GDB Holdings Berhad yields a solid 3.5%, although it has only been paying for two years. It's certainly an attractive yield, but readers are likely curious about its staying power. Some simple analysis can reduce the risk of holding GDB Holdings Berhad for its dividend, and we'll focus on the most important aspects below.
Explore this interactive chart for our latest analysis on GDB Holdings Berhad!
Payout ratios
Dividends are usually paid out of company earnings. If a company is paying more than it earns, then the dividend might become unsustainable - hardly an ideal situation. As a result, we should always investigate whether a company can afford its dividend, measured as a percentage of a company's net income after tax. In the last year, GDB Holdings Berhad paid out 45% of its profit as dividends. This is a middling range that strikes a nice balance between paying dividends to shareholders, and retaining enough earnings to invest in future growth. One of the risks is that management reinvests the retained capital poorly instead of paying a higher dividend.

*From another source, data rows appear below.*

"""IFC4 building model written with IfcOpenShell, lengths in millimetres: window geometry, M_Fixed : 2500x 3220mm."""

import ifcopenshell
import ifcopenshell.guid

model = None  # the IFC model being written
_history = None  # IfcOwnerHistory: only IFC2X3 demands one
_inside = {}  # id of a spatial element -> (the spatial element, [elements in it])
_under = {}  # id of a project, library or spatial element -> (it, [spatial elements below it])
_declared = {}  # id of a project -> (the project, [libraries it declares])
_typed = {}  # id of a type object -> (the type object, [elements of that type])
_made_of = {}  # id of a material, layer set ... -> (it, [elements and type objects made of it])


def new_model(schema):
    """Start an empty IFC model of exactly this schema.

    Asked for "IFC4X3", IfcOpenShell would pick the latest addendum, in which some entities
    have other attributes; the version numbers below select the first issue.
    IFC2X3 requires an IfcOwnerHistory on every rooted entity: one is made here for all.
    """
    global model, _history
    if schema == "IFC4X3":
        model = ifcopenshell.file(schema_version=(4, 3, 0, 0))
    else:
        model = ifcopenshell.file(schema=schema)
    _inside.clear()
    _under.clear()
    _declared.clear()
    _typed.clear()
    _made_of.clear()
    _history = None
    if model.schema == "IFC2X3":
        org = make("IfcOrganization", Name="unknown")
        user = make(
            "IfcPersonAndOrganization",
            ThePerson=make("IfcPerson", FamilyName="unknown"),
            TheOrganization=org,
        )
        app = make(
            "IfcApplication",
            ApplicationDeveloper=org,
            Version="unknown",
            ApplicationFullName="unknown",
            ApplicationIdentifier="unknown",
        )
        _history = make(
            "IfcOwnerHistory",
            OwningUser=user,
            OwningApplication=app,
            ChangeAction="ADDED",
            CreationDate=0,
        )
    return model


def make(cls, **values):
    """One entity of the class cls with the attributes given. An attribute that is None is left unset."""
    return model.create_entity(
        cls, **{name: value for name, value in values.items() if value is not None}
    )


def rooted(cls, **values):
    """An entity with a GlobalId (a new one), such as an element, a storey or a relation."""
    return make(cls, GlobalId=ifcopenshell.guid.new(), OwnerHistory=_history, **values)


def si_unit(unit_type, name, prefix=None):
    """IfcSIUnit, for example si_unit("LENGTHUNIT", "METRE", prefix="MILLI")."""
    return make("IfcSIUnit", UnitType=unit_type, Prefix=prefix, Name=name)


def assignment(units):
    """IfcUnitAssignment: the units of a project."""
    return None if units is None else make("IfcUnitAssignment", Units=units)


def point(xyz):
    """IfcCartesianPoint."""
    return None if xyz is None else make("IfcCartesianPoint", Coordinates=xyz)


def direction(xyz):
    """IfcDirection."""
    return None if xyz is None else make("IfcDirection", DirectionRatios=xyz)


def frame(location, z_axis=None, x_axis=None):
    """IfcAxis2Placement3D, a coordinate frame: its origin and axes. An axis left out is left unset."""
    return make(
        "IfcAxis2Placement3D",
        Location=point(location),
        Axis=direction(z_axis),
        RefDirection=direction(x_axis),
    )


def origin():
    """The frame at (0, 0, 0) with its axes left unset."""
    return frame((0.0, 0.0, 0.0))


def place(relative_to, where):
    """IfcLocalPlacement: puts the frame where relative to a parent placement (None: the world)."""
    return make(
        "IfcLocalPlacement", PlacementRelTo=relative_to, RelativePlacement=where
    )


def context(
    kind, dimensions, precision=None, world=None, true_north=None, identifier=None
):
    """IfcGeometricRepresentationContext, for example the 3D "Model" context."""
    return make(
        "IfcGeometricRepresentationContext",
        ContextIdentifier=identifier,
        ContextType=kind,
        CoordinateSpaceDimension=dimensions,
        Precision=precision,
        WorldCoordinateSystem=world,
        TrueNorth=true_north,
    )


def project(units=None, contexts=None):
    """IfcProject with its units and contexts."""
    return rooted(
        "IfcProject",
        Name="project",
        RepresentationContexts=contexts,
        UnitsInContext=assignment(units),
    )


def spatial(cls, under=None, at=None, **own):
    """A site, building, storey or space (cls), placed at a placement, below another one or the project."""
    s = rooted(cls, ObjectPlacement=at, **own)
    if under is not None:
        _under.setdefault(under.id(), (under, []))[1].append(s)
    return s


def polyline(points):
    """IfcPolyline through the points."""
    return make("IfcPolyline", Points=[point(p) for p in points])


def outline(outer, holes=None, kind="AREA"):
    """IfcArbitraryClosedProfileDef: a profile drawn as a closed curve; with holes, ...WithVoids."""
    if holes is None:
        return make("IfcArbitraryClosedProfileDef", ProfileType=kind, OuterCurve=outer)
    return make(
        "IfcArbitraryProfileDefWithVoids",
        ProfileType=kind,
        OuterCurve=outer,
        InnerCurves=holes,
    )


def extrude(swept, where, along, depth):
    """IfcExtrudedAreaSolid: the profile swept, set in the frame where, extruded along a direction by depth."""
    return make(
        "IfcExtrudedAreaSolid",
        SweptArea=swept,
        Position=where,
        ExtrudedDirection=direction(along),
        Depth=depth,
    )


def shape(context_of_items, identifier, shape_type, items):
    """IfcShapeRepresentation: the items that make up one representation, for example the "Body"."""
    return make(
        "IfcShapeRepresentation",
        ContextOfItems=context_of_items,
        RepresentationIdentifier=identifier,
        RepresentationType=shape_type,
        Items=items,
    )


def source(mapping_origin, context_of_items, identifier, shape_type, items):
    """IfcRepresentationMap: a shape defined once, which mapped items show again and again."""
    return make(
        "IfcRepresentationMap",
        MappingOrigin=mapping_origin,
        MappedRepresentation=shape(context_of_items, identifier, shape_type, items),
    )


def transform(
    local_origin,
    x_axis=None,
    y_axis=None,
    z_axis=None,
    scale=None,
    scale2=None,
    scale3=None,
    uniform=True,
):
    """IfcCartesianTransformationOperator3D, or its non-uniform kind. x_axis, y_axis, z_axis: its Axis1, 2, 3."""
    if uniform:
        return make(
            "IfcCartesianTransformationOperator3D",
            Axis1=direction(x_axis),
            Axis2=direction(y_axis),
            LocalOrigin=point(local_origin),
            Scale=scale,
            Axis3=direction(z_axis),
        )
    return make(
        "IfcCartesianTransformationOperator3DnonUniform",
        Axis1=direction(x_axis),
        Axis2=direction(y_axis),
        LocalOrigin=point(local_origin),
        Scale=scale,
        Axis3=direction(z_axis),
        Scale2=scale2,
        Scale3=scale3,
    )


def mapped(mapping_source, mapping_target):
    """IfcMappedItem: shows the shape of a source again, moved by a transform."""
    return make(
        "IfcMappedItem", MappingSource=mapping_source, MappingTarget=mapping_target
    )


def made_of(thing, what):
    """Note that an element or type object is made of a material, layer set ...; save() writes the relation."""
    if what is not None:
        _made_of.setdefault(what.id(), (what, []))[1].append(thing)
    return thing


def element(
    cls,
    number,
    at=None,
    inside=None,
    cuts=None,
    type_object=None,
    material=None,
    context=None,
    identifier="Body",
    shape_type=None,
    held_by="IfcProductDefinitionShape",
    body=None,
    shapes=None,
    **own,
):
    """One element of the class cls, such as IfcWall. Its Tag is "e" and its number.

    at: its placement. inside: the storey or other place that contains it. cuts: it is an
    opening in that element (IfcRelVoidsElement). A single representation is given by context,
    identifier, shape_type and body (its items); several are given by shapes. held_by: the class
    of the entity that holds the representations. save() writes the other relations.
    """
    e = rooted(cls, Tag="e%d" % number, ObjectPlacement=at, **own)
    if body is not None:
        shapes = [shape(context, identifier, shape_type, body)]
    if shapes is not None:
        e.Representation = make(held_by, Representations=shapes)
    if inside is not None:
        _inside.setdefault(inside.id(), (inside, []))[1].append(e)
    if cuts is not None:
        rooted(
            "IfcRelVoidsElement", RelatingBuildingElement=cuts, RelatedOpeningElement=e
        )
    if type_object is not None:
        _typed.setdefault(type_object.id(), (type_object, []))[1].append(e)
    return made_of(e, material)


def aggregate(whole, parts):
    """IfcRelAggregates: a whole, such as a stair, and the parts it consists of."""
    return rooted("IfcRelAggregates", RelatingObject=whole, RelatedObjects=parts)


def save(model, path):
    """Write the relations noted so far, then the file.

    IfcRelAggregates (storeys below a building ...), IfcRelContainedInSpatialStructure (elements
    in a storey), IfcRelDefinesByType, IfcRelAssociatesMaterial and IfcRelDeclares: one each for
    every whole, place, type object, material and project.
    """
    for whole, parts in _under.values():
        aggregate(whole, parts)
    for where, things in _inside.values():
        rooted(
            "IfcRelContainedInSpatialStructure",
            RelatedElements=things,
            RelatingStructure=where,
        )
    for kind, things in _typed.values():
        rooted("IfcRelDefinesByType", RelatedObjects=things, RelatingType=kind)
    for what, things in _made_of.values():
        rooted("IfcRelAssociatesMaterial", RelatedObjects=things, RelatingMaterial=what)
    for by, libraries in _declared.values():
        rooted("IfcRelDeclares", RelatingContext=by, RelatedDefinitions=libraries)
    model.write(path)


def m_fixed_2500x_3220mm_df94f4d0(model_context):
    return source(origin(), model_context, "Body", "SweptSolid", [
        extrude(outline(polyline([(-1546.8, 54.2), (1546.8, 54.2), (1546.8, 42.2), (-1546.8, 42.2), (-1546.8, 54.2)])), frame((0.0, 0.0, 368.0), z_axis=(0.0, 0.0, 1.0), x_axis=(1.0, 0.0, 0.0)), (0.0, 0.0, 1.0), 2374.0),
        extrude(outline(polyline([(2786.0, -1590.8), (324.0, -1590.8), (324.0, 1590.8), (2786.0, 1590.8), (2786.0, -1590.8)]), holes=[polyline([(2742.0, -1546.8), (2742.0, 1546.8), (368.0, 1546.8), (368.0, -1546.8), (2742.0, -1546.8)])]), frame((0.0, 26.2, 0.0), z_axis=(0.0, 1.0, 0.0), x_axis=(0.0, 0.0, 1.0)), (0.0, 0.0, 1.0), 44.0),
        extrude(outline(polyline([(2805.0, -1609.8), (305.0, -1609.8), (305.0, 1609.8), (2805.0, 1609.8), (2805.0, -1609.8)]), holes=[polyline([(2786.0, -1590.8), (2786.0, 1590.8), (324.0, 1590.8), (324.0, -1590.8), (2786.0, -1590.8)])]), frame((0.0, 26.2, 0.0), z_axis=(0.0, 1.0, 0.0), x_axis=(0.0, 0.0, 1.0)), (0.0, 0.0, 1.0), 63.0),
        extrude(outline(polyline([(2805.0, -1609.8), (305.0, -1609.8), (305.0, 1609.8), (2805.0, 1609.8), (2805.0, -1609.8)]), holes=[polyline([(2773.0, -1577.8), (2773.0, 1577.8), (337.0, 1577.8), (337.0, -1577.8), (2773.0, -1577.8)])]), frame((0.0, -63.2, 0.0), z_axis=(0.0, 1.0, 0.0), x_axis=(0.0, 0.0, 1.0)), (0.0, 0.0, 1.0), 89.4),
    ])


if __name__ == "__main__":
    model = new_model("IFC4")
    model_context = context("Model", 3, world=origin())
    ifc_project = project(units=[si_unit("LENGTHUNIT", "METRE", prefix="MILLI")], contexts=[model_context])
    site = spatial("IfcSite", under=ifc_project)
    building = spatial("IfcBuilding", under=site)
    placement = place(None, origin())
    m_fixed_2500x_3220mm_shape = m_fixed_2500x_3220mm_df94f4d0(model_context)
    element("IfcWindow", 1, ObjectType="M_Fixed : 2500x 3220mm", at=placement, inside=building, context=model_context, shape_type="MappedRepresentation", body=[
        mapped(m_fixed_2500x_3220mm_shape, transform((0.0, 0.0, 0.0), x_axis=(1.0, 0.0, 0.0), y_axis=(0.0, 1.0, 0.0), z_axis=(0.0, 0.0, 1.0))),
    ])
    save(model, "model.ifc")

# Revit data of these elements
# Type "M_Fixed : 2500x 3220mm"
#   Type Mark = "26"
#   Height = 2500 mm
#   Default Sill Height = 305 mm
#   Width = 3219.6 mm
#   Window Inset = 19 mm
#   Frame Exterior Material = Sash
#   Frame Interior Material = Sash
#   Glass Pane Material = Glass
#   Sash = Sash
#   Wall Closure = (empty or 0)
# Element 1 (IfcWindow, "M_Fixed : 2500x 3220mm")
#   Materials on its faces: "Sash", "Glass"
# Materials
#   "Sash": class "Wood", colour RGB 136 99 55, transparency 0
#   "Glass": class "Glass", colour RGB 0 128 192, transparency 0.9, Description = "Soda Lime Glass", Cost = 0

We also measure dividends paid against a company's levered free cash flow, to see if enough cash was generated to cover the dividend. GDB Holdings Berhad paid out a conservative 33% of its free cash flow as dividends last year. It's positive to see that GDB Holdings Berhad's dividend is covered by both profits and cash flow, since this is generally a sign that the dividend is sustainable, and a lower payout ratio usually suggests a greater margin of safety before the dividend gets cut.
While the above analysis focuses on dividends relative to a company's earnings, we do note GDB Holdings Berhad's strong net cash position, which will let it pay larger dividends for a time, should it choose.
Remember, you can always get a snapshot of GDB Holdings Berhad's latest financial position, by checking our visualisation of its financial health.
Dividend Volatility
Before buying a stock for its income, we want to see if the dividends have been stable in the past, and if the company has a track record of maintaining its dividend. The company has been paying a stable dividend for a few years now, but we'd like to see more evidence of consistency over a longer period. Its most recent annual dividend was RM0.02 per share, effectively flat on its first payment two years ago.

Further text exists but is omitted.